Work to complete: Work out how many lines in the records contain the word "CLIP", and give that number alone.

___ Records for the exercise

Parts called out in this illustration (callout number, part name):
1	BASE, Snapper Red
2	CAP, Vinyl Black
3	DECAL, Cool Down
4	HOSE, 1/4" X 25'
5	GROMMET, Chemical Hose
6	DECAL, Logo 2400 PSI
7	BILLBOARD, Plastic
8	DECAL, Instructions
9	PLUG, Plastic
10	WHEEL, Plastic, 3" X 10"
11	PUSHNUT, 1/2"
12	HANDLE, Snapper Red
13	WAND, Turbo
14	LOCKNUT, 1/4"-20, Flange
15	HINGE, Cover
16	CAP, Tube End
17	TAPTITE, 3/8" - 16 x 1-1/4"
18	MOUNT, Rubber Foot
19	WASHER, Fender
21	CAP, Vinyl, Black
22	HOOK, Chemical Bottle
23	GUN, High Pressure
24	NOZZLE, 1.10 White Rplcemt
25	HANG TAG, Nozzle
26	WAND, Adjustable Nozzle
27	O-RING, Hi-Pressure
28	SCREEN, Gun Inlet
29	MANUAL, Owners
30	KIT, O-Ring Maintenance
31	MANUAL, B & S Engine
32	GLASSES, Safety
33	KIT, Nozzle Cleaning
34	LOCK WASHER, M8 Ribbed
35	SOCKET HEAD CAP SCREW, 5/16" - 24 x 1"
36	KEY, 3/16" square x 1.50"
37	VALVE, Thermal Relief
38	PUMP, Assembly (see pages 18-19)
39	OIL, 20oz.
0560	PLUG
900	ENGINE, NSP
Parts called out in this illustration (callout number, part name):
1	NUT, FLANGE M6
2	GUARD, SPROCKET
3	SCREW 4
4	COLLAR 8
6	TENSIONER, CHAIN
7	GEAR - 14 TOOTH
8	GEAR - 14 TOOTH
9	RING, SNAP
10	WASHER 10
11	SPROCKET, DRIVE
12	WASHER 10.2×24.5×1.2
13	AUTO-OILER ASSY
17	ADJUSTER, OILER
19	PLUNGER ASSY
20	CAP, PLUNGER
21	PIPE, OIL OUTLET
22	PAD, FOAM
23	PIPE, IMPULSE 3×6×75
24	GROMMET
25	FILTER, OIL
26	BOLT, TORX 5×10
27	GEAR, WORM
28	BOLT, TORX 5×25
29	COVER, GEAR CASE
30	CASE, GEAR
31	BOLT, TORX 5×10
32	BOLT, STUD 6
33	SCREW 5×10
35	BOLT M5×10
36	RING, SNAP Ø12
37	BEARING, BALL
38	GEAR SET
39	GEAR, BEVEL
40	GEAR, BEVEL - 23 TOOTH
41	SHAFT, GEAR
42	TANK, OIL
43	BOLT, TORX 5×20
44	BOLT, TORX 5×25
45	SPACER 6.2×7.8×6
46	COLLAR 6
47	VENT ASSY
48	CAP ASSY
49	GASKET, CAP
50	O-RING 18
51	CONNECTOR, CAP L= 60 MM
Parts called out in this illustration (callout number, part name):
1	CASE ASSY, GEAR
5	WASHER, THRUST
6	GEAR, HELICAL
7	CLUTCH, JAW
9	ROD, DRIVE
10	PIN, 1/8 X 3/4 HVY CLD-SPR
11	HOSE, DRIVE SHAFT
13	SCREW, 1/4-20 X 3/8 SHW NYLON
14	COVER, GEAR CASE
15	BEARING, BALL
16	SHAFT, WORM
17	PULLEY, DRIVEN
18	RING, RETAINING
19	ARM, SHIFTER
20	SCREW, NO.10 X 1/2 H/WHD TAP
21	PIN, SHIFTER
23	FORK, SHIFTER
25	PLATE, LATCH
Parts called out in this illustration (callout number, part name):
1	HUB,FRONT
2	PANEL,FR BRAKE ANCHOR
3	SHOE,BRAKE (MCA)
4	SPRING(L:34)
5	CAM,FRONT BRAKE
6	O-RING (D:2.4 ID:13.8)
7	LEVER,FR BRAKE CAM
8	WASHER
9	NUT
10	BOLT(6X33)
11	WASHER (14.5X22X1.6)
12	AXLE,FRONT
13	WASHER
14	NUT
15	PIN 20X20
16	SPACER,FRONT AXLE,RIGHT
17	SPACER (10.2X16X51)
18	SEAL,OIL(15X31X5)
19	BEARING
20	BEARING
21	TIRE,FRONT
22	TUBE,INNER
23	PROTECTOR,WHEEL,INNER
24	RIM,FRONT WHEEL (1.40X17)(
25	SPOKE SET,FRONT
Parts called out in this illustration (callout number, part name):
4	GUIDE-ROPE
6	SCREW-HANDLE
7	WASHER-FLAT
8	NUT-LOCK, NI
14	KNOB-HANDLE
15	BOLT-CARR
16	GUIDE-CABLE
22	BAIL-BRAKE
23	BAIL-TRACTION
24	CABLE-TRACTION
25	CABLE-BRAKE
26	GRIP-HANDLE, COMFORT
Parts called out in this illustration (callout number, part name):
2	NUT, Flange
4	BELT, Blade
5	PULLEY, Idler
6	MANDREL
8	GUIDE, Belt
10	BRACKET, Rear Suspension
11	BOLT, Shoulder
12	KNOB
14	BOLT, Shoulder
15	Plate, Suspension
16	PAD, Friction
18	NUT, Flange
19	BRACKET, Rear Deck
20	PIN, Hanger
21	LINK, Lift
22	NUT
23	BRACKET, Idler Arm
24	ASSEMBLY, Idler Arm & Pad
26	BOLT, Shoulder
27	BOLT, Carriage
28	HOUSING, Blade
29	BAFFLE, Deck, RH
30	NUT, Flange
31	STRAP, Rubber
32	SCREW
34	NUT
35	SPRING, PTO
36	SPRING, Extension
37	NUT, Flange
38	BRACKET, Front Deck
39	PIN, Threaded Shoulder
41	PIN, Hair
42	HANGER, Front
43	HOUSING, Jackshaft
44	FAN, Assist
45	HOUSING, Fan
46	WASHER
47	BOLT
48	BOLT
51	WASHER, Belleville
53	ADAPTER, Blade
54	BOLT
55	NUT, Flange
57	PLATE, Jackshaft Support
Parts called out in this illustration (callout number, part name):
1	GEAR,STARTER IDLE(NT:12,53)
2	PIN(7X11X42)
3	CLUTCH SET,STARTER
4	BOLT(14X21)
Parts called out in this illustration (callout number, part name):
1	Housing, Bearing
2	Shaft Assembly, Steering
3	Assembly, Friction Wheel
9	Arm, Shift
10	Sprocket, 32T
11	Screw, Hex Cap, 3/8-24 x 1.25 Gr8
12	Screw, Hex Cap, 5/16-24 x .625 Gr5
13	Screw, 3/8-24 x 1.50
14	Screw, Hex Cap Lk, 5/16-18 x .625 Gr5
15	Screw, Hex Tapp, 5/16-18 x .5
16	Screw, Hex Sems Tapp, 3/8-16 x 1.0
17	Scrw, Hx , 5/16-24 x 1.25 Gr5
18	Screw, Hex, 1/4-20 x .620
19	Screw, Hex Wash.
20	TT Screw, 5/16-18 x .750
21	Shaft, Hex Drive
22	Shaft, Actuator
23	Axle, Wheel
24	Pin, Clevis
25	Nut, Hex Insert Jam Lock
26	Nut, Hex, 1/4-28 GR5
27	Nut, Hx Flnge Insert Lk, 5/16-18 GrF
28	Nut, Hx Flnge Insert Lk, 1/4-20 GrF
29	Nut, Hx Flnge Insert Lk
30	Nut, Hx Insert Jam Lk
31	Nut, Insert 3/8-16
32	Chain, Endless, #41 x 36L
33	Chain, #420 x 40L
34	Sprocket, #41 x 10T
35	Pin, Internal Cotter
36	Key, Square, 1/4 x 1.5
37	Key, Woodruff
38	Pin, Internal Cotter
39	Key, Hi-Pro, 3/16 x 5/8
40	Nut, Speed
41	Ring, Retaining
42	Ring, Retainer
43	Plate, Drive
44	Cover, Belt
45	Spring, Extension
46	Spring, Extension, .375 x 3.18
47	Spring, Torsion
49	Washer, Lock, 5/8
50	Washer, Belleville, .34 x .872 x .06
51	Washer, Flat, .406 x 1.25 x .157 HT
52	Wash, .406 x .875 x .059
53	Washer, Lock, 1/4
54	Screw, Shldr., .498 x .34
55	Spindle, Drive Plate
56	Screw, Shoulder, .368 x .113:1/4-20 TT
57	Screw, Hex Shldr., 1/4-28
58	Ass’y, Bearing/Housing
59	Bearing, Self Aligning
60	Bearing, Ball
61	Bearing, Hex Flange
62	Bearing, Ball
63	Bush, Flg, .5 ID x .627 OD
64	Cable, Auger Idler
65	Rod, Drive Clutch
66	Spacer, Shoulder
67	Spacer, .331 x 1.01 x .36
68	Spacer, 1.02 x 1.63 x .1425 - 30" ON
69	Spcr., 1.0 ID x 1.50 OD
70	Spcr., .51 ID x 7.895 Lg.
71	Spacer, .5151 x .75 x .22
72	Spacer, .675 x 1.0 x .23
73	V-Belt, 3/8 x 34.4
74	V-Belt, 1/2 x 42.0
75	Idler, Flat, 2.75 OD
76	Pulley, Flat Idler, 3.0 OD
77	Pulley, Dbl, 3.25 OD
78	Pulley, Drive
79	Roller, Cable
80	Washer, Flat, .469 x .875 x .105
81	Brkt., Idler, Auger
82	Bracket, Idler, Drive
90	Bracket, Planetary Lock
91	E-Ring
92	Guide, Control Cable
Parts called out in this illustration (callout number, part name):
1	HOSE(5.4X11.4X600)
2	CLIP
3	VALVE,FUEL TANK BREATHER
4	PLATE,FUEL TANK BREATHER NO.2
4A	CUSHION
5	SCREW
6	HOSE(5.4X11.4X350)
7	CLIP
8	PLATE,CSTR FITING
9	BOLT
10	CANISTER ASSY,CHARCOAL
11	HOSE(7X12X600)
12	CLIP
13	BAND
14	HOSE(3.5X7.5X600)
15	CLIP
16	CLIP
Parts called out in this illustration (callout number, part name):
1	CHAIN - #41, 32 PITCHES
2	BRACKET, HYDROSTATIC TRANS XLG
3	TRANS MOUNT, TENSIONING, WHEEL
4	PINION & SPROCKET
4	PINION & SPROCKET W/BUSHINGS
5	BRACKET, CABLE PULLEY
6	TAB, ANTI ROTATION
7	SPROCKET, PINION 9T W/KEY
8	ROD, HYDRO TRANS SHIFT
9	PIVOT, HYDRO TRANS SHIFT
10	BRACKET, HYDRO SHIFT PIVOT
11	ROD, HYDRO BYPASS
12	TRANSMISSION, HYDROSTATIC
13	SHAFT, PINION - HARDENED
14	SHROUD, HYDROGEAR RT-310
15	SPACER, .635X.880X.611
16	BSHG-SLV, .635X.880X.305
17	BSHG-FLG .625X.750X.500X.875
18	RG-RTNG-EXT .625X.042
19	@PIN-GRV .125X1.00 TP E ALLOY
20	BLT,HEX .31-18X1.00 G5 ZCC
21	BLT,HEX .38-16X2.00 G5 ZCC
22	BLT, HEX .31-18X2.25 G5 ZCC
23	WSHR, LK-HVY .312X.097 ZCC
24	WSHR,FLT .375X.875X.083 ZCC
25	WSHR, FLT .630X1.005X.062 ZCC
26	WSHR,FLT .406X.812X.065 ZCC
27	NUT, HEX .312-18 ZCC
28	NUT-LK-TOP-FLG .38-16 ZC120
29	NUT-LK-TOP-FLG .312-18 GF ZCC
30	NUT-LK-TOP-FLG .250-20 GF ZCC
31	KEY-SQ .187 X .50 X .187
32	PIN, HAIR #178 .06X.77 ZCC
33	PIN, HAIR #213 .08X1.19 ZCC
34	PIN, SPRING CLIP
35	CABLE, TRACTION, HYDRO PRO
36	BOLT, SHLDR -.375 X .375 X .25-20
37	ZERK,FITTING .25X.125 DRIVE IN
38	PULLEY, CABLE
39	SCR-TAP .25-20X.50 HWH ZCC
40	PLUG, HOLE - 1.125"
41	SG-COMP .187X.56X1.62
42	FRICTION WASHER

______

Exercise response: 6